Find the string "Front" in the records and copy each line where it occurs.
#### Extracted information ####
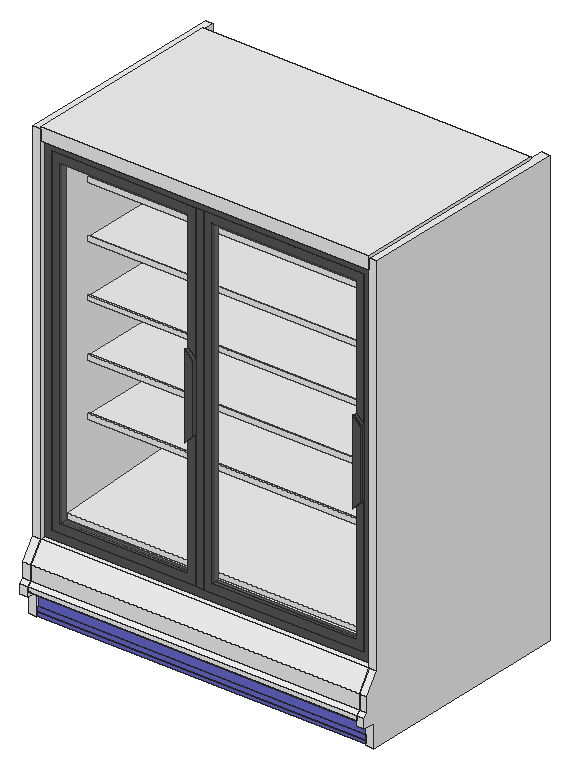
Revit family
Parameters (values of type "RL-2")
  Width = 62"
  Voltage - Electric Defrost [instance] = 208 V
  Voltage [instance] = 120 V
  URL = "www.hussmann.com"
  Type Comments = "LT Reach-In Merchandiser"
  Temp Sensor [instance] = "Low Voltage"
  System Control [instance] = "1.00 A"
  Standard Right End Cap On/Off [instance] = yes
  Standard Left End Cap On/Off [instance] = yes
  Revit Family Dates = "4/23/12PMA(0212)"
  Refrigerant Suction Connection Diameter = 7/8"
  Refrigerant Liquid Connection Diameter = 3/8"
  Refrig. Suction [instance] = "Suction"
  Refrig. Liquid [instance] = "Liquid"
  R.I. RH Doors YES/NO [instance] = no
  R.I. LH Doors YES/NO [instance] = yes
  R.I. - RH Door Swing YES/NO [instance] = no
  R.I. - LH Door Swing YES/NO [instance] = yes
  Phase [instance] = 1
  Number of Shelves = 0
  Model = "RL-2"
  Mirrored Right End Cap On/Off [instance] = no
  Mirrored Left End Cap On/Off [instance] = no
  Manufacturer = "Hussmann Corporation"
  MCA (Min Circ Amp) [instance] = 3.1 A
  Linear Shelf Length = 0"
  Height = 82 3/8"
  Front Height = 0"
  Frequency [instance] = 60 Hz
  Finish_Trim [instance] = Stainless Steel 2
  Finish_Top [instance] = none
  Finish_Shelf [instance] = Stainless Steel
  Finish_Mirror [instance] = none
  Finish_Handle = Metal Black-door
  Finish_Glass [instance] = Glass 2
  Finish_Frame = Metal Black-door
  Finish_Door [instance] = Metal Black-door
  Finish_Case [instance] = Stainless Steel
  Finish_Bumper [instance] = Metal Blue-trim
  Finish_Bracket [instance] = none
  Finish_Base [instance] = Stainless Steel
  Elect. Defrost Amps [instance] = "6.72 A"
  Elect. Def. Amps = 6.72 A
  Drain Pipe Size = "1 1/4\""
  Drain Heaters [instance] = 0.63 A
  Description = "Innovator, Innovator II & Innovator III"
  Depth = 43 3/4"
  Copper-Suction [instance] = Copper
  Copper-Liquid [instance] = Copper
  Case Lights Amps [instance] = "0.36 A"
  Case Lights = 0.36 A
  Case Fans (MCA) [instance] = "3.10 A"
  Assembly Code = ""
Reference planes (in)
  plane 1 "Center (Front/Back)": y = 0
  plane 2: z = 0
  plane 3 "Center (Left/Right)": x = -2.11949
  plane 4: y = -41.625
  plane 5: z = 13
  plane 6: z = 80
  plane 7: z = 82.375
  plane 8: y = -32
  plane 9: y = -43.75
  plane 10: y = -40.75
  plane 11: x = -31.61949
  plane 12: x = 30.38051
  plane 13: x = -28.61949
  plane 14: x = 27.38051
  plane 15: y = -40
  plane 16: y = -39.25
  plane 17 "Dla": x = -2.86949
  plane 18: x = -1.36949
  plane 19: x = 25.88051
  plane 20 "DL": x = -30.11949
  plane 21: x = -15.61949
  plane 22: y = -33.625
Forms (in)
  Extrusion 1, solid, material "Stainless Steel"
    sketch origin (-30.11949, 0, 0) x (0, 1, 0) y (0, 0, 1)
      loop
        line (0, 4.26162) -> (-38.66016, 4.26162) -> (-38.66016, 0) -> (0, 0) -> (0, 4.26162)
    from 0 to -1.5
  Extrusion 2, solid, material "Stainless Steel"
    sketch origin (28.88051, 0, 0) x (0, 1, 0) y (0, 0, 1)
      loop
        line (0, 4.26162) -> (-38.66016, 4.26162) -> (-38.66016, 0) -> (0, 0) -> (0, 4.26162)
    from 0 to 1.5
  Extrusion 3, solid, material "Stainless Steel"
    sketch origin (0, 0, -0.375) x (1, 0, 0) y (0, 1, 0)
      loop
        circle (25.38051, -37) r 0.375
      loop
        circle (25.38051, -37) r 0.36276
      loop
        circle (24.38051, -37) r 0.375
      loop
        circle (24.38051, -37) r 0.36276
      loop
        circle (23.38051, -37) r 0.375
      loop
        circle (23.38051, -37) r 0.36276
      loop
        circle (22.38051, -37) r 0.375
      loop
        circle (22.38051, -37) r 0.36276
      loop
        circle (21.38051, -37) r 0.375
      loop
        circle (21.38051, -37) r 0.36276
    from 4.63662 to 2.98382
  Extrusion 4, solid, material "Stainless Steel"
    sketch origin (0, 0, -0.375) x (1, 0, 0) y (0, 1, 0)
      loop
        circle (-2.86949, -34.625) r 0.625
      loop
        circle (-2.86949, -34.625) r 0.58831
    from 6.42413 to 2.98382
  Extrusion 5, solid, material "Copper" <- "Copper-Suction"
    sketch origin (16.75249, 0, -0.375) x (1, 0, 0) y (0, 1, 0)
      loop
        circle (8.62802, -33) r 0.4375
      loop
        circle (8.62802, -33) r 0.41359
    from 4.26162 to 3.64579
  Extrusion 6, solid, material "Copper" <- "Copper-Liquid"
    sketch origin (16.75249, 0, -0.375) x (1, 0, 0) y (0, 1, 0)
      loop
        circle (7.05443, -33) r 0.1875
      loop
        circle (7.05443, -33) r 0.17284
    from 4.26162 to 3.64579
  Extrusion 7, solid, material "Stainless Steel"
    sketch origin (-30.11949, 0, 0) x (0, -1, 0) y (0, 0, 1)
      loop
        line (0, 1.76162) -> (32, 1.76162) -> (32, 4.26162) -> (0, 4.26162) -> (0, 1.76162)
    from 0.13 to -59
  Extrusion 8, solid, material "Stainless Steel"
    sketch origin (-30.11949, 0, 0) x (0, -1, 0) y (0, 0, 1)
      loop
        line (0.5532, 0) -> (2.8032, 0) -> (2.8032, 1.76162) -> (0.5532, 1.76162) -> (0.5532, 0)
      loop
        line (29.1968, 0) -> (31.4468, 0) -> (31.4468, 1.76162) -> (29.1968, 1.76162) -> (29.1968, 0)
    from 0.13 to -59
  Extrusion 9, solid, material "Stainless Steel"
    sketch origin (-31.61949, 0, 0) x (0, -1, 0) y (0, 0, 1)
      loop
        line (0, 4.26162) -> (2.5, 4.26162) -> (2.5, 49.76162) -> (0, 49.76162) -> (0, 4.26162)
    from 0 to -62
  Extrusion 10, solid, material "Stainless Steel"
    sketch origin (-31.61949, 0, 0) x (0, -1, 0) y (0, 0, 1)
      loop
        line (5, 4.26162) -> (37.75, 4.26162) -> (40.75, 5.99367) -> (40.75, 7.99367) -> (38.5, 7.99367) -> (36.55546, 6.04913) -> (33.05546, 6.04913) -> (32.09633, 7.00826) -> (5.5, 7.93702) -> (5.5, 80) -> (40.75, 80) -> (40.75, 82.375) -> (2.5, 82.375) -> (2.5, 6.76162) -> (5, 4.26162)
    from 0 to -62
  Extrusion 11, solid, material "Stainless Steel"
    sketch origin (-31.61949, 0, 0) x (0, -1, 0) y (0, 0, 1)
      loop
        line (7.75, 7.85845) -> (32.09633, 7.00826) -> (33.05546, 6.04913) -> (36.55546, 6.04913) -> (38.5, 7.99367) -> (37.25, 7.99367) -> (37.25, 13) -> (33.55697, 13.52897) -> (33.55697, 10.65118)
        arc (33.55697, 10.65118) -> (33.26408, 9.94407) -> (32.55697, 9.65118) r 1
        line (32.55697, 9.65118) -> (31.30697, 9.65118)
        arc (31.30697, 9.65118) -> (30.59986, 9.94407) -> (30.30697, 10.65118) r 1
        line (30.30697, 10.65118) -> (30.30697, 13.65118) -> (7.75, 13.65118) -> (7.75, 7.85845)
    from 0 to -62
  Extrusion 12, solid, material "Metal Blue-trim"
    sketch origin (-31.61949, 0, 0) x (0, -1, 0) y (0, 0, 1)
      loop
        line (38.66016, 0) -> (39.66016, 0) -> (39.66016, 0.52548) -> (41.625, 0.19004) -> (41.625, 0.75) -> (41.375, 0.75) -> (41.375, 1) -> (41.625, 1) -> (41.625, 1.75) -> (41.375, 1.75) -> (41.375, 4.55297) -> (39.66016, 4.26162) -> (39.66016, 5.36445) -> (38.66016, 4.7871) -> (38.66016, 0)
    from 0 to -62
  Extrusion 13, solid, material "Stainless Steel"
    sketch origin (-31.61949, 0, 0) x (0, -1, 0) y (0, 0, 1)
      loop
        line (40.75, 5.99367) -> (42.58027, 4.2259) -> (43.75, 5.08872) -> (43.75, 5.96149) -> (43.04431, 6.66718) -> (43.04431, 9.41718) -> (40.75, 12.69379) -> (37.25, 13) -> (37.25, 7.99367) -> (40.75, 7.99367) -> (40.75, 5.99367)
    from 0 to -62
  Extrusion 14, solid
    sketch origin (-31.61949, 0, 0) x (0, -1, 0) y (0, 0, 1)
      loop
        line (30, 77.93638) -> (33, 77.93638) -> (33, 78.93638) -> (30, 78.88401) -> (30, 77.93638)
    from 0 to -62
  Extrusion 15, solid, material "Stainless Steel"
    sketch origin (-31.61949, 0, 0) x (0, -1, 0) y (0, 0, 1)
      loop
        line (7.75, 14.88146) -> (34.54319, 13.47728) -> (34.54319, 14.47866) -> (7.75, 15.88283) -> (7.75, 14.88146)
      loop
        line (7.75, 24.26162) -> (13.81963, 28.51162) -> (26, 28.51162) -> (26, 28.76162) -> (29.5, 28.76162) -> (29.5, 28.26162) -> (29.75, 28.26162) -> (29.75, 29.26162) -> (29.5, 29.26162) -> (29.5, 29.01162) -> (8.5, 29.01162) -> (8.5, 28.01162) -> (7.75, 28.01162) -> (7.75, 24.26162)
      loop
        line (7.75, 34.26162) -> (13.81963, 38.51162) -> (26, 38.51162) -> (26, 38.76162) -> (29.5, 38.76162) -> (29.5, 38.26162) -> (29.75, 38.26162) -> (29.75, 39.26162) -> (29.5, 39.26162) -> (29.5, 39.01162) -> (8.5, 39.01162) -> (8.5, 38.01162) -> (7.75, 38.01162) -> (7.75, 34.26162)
####
**Result**.
  Front Height = 0"
  plane 1 "Center (Front/Back)": y = 0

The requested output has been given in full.